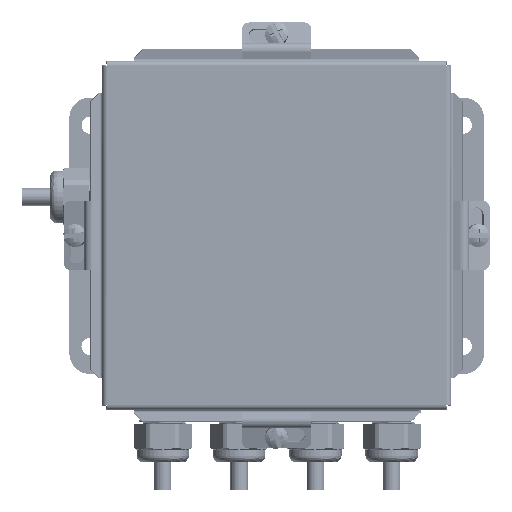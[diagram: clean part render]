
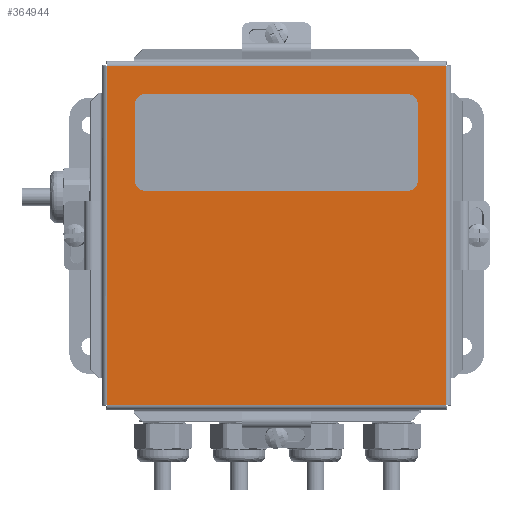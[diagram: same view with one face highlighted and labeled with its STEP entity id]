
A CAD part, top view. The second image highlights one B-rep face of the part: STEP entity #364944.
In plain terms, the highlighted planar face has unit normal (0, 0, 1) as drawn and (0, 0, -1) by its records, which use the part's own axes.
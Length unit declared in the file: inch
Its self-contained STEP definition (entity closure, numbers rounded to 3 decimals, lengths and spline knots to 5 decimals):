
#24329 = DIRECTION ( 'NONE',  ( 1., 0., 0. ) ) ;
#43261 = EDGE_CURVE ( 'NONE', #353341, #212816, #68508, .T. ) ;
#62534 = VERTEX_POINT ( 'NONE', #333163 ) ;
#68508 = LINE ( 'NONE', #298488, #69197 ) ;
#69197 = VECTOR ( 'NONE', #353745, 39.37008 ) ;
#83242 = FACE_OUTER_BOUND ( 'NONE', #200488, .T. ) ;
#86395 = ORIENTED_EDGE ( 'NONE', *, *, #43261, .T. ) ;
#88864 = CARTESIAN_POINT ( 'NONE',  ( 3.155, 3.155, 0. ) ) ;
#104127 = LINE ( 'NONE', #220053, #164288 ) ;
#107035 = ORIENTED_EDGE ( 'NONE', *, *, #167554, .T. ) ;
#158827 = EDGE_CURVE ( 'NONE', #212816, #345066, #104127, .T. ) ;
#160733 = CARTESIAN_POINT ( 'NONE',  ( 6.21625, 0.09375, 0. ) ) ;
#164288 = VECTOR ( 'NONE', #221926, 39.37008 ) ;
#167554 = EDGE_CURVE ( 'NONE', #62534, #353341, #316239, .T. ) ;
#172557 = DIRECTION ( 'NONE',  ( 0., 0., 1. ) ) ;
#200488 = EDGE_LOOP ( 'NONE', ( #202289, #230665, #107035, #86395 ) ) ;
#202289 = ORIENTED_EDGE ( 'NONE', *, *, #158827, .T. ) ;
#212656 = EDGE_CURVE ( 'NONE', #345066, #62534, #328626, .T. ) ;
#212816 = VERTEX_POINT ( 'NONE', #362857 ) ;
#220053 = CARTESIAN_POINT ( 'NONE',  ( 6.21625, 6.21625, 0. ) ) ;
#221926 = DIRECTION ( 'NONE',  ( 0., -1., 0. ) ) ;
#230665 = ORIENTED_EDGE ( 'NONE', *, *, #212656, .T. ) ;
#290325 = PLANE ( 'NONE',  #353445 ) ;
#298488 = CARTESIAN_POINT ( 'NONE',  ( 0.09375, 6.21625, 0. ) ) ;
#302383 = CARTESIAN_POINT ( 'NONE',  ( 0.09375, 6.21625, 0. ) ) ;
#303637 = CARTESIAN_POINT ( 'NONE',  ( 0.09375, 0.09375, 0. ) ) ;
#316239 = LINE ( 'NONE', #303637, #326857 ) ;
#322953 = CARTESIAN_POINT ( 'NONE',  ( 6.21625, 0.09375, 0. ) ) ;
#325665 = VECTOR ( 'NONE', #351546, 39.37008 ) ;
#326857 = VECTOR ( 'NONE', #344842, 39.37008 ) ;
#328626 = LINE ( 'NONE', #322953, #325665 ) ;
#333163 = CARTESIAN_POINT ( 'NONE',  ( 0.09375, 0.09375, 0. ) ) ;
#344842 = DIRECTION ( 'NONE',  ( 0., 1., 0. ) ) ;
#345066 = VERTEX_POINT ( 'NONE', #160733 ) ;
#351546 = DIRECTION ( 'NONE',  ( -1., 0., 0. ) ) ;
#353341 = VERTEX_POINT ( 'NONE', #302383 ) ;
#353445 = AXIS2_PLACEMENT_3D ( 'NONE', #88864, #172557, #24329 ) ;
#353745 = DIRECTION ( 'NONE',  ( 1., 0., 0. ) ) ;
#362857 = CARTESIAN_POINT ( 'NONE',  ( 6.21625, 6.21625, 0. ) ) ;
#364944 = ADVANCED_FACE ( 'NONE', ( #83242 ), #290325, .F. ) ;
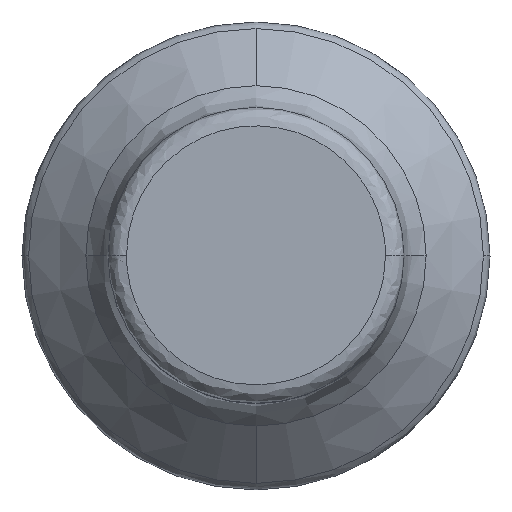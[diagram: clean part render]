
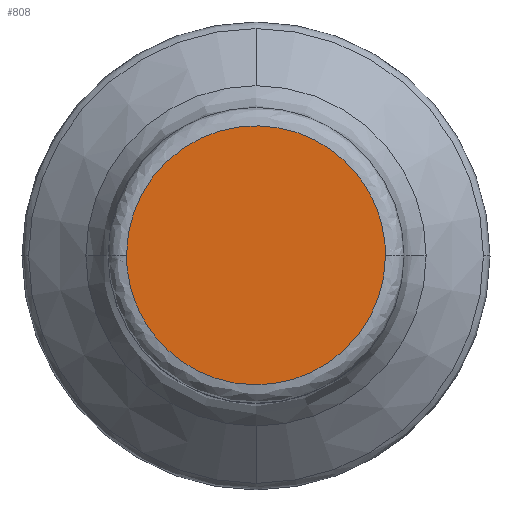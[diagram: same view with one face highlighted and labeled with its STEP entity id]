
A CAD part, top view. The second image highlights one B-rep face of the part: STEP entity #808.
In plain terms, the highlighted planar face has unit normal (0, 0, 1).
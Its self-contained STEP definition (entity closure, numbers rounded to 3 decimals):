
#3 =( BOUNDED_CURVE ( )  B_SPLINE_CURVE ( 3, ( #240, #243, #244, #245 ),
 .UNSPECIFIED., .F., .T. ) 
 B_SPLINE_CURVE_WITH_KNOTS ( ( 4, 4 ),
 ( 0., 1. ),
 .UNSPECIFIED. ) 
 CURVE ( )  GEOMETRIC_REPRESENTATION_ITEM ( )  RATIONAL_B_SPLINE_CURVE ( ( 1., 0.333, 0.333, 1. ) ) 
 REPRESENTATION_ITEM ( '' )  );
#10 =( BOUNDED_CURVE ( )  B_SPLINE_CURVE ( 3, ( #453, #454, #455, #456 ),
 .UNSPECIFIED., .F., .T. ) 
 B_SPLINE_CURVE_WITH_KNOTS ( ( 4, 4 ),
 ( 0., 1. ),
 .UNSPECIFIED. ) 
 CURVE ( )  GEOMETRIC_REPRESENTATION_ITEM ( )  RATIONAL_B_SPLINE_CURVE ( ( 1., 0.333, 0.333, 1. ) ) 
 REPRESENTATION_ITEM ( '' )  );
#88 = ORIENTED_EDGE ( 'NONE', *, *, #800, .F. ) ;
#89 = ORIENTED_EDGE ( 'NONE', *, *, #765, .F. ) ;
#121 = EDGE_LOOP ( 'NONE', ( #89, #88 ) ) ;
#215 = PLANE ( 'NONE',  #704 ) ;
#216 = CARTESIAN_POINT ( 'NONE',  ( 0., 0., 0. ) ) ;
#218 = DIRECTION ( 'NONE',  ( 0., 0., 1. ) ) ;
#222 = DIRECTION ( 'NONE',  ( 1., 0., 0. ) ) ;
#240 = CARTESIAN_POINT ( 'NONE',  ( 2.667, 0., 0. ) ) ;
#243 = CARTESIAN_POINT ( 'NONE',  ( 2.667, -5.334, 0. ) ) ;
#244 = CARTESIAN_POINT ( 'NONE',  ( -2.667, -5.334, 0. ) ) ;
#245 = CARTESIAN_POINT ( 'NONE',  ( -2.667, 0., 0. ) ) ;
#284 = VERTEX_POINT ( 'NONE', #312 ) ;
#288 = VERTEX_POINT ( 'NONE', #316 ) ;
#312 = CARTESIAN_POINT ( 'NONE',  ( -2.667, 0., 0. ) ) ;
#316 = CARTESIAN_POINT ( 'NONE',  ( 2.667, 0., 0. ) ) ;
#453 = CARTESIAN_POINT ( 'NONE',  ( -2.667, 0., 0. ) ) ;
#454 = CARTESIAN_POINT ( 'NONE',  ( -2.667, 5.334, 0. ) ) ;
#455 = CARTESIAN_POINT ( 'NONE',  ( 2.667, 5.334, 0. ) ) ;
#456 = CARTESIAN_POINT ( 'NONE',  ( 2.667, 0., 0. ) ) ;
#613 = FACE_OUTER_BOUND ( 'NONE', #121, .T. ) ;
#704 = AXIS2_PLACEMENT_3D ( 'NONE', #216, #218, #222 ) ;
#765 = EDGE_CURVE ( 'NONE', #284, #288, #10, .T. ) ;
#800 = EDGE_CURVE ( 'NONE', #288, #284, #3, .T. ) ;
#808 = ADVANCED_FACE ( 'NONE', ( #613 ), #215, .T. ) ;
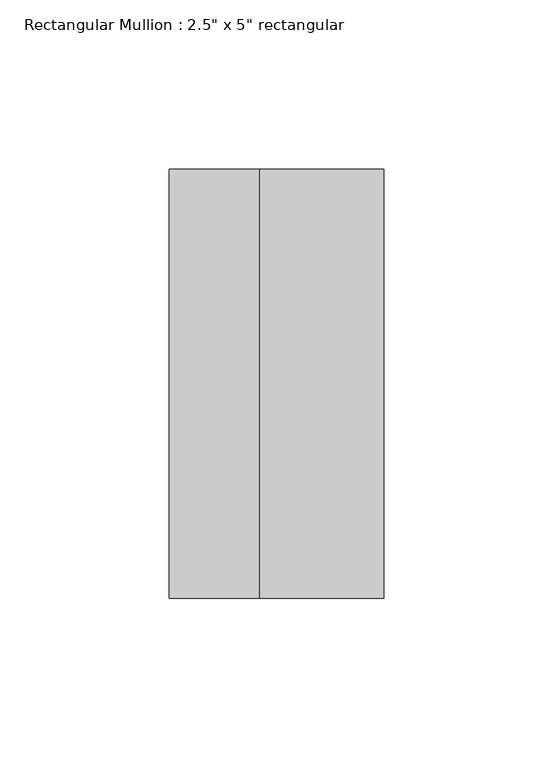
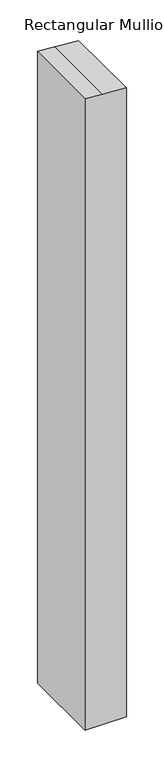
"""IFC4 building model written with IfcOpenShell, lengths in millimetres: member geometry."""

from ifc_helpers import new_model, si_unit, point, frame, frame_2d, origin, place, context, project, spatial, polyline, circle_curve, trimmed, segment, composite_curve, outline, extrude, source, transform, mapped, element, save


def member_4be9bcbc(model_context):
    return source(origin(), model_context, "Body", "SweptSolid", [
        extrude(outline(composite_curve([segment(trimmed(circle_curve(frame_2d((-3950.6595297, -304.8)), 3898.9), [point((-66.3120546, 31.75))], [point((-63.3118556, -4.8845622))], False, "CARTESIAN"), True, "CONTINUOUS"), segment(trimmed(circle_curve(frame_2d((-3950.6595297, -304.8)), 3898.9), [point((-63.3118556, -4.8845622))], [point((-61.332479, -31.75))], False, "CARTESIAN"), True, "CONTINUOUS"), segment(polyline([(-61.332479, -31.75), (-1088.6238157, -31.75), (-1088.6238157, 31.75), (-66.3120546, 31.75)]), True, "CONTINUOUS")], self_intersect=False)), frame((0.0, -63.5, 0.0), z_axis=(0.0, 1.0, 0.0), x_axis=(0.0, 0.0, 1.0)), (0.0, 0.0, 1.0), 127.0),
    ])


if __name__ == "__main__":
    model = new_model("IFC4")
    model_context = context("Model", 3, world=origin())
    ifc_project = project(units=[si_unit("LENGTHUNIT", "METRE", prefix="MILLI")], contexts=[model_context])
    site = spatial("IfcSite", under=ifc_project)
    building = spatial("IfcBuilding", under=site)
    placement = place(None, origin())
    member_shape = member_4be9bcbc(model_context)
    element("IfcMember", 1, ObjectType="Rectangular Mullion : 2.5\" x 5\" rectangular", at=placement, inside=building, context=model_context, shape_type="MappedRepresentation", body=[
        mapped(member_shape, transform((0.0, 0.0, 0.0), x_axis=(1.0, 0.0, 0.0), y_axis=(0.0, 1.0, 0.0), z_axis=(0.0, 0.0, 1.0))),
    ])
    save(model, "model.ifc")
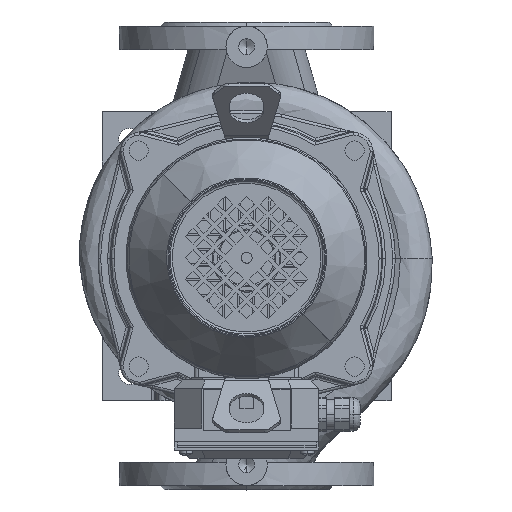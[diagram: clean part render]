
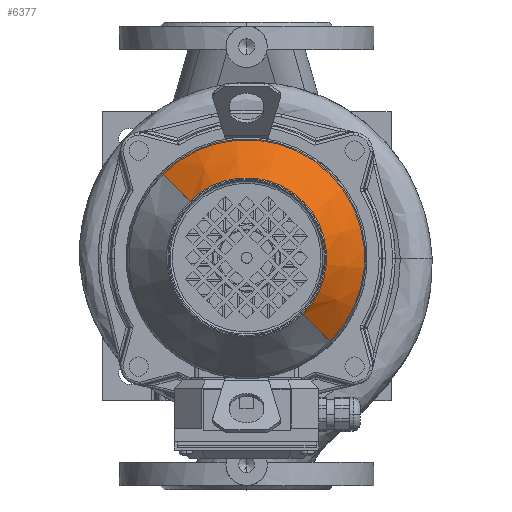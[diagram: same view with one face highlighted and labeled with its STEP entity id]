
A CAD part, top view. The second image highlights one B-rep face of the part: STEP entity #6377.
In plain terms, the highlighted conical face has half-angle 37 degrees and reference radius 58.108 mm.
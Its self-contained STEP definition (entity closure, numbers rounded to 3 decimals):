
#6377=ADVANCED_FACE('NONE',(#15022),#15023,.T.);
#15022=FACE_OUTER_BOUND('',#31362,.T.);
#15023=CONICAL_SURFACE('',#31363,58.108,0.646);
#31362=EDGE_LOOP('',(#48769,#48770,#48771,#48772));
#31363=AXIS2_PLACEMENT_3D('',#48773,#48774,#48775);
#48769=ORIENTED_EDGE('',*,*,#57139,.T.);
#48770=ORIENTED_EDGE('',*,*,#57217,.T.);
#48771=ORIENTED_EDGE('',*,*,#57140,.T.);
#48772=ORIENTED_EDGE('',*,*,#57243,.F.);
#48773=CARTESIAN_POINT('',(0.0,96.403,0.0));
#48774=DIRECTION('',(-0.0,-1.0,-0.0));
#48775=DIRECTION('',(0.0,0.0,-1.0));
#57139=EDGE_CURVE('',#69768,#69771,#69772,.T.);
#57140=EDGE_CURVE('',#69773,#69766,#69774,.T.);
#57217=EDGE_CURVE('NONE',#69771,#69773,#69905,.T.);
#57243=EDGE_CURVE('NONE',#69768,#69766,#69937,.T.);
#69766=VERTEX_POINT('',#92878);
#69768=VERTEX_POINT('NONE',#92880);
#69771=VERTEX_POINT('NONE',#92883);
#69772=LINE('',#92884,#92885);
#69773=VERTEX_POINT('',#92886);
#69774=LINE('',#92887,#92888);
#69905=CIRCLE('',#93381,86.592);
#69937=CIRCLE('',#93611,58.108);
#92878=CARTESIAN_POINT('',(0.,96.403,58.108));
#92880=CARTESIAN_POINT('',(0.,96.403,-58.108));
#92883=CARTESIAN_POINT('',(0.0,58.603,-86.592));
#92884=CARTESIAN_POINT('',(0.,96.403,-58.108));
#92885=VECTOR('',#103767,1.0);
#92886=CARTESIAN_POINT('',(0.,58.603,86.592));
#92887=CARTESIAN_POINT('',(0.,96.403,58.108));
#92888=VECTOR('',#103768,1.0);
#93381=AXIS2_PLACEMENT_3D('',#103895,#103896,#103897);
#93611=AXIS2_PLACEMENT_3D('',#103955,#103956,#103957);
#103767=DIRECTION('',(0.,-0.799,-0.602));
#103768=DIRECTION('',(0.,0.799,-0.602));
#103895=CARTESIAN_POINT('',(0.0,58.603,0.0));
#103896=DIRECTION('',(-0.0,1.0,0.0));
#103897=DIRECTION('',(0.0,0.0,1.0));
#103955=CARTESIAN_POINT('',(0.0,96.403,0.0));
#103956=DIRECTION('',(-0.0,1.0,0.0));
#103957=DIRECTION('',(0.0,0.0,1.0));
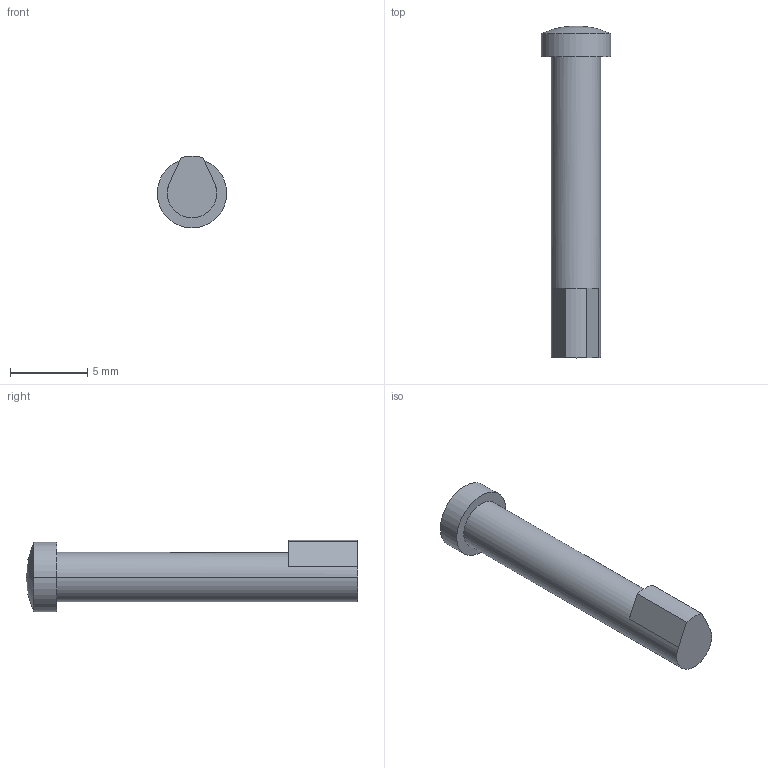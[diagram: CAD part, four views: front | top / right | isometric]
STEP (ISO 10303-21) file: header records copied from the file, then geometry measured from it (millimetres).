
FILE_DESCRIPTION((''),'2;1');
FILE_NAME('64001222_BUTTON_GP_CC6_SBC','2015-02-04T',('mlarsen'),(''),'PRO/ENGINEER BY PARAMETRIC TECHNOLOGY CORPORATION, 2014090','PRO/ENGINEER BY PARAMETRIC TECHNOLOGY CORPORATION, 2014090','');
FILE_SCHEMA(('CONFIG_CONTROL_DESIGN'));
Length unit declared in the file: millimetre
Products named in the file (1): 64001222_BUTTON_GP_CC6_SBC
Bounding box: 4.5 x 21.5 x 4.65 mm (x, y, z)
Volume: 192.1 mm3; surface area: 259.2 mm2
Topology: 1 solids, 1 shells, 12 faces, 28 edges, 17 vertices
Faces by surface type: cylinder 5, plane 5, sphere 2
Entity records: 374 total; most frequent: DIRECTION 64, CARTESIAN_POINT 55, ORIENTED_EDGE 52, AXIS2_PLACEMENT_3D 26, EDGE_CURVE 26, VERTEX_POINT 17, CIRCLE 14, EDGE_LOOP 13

________________________________________

YOUR OBJECTIVE
Tally the lines in the records containing the string "planar"; output only the tally.

ANSWER TO THIS EXERCISE
2